(Records to use begins)

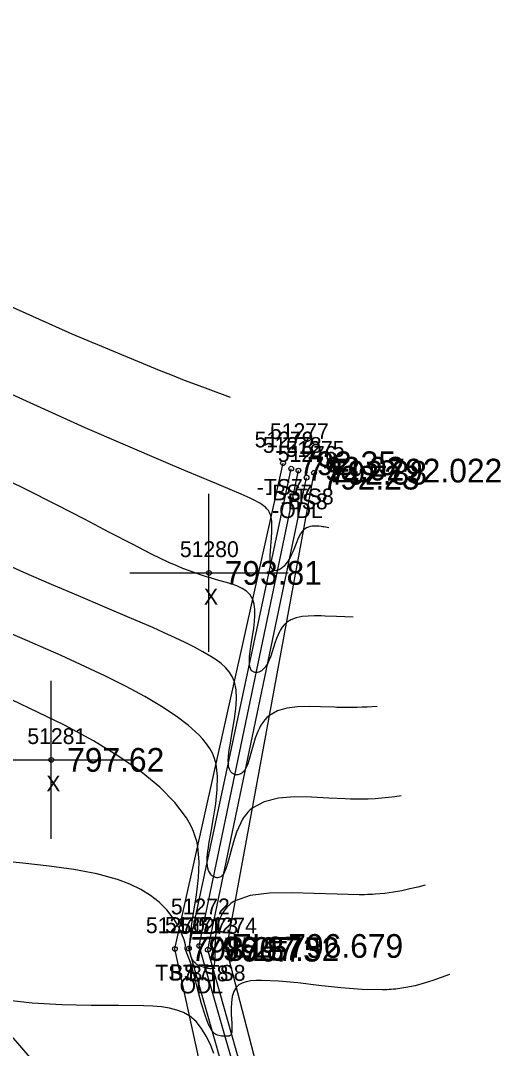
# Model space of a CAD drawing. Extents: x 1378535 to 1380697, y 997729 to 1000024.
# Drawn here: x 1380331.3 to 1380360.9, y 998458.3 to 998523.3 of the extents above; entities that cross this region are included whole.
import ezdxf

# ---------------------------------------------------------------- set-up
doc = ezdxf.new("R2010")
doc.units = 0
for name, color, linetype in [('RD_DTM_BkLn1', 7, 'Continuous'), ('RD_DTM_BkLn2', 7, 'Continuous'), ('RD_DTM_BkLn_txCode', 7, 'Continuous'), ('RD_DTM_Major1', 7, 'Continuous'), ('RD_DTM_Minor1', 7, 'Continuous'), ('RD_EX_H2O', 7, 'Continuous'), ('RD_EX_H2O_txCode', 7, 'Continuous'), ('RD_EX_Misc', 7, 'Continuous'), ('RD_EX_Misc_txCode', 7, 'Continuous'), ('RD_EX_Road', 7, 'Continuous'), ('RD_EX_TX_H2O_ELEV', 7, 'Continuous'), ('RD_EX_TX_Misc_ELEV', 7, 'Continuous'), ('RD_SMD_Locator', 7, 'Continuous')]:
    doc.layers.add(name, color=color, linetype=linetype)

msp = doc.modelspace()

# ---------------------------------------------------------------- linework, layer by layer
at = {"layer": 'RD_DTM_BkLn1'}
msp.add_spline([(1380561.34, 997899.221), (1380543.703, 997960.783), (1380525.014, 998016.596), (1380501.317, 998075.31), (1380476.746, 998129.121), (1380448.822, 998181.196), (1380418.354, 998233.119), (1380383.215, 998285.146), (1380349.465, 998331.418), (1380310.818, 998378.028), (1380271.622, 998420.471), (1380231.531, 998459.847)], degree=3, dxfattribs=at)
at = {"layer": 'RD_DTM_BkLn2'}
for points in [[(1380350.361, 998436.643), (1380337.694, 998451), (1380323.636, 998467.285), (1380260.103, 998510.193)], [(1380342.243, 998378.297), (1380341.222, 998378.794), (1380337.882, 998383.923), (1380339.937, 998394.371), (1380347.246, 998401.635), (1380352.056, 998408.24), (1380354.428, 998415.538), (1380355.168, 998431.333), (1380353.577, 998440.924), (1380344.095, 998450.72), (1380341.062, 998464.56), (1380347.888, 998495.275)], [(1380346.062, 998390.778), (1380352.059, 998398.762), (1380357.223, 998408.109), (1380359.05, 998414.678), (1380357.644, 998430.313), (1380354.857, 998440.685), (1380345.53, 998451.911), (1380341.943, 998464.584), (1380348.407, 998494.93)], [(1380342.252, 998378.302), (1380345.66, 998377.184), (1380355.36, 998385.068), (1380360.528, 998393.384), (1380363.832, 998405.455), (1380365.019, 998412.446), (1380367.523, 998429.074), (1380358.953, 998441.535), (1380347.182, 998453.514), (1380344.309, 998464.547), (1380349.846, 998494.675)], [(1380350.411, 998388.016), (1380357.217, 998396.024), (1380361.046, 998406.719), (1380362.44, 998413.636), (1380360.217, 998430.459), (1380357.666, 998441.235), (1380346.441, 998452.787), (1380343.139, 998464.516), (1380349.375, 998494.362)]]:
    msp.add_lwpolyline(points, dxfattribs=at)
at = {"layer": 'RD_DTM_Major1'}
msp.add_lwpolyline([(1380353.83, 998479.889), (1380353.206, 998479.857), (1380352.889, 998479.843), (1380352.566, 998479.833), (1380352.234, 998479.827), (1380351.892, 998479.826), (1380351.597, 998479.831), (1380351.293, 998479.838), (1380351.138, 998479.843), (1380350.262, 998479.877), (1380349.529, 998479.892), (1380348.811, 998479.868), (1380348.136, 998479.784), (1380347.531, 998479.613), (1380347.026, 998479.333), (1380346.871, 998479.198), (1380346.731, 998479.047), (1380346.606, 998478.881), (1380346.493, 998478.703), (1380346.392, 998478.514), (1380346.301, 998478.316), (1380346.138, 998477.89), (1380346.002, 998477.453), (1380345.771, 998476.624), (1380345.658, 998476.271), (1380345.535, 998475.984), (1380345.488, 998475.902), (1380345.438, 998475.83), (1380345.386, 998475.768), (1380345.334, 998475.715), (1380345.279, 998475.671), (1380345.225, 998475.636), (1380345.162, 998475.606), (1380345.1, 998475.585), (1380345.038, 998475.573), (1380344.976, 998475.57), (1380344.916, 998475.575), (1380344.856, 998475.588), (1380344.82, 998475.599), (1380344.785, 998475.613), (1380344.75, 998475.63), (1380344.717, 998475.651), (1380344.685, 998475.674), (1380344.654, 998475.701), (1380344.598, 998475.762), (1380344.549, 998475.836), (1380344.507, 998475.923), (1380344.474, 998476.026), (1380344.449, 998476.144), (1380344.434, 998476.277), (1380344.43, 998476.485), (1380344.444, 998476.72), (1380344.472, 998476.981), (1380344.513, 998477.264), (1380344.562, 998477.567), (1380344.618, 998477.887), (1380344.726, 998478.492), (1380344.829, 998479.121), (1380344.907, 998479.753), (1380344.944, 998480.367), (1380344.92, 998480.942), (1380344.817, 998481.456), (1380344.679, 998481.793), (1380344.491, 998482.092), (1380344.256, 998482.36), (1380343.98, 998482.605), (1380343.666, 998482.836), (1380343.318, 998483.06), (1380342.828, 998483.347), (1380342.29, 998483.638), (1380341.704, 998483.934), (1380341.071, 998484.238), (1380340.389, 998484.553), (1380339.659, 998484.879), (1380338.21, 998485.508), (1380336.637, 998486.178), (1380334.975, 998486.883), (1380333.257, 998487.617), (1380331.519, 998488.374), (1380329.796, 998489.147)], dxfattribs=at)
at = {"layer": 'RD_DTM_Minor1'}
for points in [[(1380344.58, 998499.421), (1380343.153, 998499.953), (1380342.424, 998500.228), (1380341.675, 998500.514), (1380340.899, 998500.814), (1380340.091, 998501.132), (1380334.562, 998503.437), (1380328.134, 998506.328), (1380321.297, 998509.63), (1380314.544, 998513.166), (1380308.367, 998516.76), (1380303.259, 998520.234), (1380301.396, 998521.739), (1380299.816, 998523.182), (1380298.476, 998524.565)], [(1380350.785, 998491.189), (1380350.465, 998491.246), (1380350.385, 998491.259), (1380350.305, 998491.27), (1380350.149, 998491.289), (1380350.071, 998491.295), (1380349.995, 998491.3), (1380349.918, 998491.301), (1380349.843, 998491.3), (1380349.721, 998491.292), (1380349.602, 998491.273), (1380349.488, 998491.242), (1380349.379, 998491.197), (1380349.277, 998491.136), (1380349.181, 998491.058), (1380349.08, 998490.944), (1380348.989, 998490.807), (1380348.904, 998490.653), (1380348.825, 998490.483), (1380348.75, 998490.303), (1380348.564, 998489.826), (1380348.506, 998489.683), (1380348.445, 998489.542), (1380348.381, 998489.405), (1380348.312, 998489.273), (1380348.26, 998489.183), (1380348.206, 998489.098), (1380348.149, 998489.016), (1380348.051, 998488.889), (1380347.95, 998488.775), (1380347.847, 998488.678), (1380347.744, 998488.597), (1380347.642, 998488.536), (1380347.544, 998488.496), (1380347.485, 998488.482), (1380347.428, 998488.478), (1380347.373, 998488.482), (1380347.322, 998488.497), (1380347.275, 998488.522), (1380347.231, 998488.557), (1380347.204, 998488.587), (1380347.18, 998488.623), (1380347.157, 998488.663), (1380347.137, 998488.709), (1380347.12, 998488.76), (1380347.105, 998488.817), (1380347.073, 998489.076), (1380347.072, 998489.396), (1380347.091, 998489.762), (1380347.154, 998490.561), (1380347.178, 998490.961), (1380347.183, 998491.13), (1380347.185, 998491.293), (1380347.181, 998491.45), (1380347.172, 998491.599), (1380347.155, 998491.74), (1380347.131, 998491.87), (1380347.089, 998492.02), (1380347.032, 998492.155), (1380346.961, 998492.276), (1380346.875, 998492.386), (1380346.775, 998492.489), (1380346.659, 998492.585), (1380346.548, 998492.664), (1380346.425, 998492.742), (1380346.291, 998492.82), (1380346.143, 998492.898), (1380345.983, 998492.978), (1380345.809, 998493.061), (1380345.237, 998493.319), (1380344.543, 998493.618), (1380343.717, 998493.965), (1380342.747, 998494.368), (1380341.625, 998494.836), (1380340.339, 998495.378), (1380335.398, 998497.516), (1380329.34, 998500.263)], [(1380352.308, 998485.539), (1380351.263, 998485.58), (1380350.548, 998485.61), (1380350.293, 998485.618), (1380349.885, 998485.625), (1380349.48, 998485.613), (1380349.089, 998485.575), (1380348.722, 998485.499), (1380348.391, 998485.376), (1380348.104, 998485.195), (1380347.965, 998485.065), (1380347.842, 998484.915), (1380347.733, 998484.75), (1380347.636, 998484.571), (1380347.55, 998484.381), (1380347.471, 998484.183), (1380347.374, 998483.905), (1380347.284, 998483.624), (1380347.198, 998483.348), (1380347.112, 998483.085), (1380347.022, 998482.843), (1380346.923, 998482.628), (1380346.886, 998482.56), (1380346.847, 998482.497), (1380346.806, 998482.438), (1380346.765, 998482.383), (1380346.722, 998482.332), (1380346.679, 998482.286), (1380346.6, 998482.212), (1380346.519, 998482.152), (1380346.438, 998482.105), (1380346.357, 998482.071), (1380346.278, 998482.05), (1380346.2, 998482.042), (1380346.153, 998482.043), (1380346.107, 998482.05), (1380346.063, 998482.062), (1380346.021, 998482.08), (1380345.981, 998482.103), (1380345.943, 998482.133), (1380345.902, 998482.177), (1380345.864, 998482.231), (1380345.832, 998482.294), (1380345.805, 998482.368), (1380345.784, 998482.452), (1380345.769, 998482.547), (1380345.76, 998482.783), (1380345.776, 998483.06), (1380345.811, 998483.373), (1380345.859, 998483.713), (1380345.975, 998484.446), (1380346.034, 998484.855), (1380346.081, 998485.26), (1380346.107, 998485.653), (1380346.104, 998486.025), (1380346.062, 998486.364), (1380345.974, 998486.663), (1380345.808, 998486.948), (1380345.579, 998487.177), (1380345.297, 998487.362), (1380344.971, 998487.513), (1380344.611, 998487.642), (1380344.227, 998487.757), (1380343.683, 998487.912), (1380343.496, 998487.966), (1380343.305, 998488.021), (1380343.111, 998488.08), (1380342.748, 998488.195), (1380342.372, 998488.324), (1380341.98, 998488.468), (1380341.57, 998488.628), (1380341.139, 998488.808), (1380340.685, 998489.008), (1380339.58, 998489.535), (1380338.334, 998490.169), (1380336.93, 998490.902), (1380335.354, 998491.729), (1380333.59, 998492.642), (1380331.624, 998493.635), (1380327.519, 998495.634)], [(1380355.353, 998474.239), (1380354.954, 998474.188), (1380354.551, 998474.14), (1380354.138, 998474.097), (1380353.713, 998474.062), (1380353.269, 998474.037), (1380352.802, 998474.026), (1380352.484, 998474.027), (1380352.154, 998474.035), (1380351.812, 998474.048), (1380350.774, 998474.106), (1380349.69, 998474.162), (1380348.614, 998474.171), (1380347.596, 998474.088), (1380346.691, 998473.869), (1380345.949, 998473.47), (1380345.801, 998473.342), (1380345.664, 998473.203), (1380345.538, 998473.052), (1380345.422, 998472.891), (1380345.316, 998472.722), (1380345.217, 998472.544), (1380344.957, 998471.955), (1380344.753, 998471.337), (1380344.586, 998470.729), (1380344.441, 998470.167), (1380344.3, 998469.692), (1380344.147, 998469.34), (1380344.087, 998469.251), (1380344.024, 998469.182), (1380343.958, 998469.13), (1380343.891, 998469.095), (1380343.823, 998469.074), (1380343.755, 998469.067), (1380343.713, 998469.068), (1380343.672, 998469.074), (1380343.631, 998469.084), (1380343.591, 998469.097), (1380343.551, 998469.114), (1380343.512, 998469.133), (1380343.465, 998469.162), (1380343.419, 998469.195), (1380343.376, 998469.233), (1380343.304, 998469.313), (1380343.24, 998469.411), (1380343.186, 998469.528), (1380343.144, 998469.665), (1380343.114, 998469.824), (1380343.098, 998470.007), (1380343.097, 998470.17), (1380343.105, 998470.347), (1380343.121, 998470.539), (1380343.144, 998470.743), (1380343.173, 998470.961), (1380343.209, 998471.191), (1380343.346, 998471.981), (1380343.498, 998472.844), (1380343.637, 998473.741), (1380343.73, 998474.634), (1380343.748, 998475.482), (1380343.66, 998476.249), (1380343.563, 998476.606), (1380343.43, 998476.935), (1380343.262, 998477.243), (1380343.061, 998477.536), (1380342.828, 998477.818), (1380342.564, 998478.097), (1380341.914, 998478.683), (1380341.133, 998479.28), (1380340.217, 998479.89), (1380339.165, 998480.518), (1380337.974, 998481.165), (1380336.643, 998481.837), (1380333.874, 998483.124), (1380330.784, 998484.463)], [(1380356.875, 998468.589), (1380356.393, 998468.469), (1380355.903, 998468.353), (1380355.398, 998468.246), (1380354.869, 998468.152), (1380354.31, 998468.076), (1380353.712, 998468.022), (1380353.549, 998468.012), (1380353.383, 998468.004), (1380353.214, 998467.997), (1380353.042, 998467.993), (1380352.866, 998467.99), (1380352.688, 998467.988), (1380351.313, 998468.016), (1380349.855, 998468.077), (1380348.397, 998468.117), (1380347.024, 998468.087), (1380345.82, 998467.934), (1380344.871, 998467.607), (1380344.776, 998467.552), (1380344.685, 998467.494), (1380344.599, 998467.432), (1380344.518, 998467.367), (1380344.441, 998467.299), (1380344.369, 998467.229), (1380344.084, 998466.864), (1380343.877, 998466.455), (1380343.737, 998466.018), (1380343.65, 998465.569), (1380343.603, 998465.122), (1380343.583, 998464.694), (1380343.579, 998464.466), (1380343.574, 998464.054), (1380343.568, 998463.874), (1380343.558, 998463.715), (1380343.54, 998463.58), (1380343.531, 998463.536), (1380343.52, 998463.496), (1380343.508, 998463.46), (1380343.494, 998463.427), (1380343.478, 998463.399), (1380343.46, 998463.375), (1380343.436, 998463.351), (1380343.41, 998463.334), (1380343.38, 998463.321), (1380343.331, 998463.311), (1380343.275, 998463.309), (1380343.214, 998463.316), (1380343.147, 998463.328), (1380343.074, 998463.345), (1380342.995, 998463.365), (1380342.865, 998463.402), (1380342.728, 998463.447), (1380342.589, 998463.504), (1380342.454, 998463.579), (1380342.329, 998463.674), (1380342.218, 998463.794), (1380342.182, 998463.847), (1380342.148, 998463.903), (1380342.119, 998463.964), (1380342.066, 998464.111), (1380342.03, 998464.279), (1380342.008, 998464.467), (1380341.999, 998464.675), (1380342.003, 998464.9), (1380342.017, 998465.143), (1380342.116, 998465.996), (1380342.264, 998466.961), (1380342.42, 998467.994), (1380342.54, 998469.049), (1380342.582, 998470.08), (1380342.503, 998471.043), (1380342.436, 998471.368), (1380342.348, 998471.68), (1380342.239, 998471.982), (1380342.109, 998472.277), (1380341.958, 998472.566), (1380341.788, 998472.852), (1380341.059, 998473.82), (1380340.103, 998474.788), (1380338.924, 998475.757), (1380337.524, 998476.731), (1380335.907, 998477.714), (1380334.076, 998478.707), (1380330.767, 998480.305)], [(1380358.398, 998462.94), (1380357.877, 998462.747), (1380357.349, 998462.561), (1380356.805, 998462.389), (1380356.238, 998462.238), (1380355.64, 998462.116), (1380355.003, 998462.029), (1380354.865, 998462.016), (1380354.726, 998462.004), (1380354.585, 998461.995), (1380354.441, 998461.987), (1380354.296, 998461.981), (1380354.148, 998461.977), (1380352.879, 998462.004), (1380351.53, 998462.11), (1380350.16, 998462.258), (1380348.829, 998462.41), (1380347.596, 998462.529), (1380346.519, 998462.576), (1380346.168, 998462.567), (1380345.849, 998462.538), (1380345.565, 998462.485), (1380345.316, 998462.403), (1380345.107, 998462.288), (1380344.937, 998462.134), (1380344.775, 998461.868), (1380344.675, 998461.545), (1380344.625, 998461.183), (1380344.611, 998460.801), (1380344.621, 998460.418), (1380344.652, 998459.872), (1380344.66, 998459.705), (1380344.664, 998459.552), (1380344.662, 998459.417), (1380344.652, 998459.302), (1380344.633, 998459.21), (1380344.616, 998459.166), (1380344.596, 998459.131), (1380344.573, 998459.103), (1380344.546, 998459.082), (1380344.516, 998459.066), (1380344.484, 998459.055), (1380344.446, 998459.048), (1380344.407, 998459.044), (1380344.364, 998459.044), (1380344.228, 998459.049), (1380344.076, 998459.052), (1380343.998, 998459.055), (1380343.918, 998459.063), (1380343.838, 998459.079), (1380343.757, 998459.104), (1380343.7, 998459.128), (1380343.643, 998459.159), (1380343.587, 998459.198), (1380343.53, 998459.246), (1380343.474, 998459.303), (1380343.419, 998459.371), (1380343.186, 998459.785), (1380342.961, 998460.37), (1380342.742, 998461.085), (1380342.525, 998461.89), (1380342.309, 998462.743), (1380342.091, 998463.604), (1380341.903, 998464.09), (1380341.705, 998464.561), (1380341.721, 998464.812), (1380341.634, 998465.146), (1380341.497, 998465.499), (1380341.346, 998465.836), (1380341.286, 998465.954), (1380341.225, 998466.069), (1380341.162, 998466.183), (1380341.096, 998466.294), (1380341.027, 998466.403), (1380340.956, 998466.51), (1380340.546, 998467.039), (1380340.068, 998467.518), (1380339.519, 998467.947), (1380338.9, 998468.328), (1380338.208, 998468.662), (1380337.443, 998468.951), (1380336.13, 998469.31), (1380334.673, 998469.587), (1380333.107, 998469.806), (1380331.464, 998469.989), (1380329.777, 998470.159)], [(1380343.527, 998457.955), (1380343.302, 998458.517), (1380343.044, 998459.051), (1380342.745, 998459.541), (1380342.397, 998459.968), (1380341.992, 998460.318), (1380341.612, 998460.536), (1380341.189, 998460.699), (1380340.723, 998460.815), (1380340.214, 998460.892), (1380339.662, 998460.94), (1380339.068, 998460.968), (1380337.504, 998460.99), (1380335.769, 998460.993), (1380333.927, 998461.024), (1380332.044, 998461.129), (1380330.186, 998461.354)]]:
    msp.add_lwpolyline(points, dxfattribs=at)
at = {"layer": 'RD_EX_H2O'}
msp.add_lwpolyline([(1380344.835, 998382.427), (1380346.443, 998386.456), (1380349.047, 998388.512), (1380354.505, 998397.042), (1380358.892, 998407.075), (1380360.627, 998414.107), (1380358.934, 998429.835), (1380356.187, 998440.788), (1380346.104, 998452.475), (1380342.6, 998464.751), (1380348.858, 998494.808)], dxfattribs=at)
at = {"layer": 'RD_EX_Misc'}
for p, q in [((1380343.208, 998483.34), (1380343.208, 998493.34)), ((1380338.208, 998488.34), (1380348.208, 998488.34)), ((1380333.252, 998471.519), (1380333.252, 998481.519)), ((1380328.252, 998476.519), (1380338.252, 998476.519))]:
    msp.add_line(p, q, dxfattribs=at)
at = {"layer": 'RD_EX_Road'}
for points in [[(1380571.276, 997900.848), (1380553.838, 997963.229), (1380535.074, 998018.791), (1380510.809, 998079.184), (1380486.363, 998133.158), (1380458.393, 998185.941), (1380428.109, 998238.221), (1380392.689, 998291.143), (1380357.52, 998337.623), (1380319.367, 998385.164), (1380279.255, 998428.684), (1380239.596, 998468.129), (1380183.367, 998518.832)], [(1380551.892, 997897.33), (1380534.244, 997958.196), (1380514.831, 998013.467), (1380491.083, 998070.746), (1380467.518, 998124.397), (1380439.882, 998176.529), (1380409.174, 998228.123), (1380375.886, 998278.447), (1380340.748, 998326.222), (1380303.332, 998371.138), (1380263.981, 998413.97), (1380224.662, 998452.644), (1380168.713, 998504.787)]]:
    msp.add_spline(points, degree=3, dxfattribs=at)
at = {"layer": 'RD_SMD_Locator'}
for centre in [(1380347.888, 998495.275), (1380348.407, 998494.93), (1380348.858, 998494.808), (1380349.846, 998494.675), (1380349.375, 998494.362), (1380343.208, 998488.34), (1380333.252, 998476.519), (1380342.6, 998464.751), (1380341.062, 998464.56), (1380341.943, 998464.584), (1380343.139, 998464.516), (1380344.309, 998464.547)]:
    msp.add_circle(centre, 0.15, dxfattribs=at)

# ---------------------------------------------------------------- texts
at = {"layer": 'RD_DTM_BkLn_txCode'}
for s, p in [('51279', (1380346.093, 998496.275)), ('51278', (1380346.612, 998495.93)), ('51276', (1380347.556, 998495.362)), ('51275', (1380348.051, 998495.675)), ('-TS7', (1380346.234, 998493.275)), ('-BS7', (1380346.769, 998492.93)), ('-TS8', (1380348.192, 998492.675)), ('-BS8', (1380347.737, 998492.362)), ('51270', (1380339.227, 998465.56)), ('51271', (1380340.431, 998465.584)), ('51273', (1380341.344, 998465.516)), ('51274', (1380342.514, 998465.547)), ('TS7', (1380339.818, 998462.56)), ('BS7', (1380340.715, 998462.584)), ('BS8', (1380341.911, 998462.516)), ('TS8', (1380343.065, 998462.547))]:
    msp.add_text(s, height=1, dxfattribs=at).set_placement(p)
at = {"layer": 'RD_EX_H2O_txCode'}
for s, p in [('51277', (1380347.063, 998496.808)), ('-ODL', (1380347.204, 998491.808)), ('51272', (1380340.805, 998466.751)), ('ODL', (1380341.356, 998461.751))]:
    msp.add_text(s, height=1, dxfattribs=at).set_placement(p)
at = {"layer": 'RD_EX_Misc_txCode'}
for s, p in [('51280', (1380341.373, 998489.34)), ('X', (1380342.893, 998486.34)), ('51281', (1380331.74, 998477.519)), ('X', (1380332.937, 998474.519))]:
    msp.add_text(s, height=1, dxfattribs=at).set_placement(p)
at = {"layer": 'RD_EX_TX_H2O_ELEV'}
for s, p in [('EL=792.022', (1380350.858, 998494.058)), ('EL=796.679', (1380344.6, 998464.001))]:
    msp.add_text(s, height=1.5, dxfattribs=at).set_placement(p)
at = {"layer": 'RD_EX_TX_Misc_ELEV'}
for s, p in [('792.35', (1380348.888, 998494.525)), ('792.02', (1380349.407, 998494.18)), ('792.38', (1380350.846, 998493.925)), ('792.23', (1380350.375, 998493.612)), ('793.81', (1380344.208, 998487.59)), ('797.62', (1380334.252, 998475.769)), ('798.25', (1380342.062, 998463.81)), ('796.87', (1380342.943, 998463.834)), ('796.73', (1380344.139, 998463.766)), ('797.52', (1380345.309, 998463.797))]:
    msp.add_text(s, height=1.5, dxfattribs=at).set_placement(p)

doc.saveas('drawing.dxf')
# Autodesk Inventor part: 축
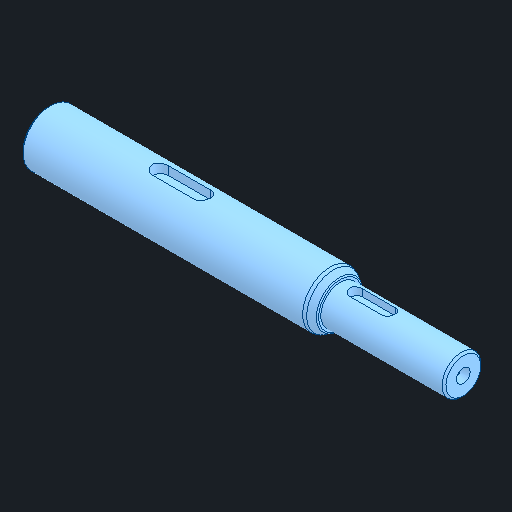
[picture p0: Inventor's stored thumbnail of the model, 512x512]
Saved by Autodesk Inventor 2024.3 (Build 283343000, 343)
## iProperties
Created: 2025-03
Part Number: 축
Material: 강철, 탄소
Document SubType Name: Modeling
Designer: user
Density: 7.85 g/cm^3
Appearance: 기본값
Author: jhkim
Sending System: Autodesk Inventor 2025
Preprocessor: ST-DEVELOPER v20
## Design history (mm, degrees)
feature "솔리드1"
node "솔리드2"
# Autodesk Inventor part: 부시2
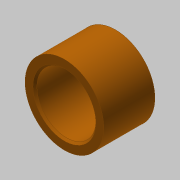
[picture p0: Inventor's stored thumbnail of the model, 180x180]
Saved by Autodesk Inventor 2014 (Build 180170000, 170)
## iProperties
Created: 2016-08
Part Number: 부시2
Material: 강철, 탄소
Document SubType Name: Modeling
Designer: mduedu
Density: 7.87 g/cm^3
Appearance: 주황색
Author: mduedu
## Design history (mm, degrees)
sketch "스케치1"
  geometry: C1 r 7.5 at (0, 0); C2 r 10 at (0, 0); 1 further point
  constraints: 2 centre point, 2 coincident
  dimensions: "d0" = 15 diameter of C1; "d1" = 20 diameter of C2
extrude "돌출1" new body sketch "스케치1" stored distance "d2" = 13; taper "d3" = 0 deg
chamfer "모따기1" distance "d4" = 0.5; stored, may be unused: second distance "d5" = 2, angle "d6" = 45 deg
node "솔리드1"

(Records to use ends)

Description of the task
Count the lines of the entries that hold the string "distance", then state that number and nothing more.

Problem solution
2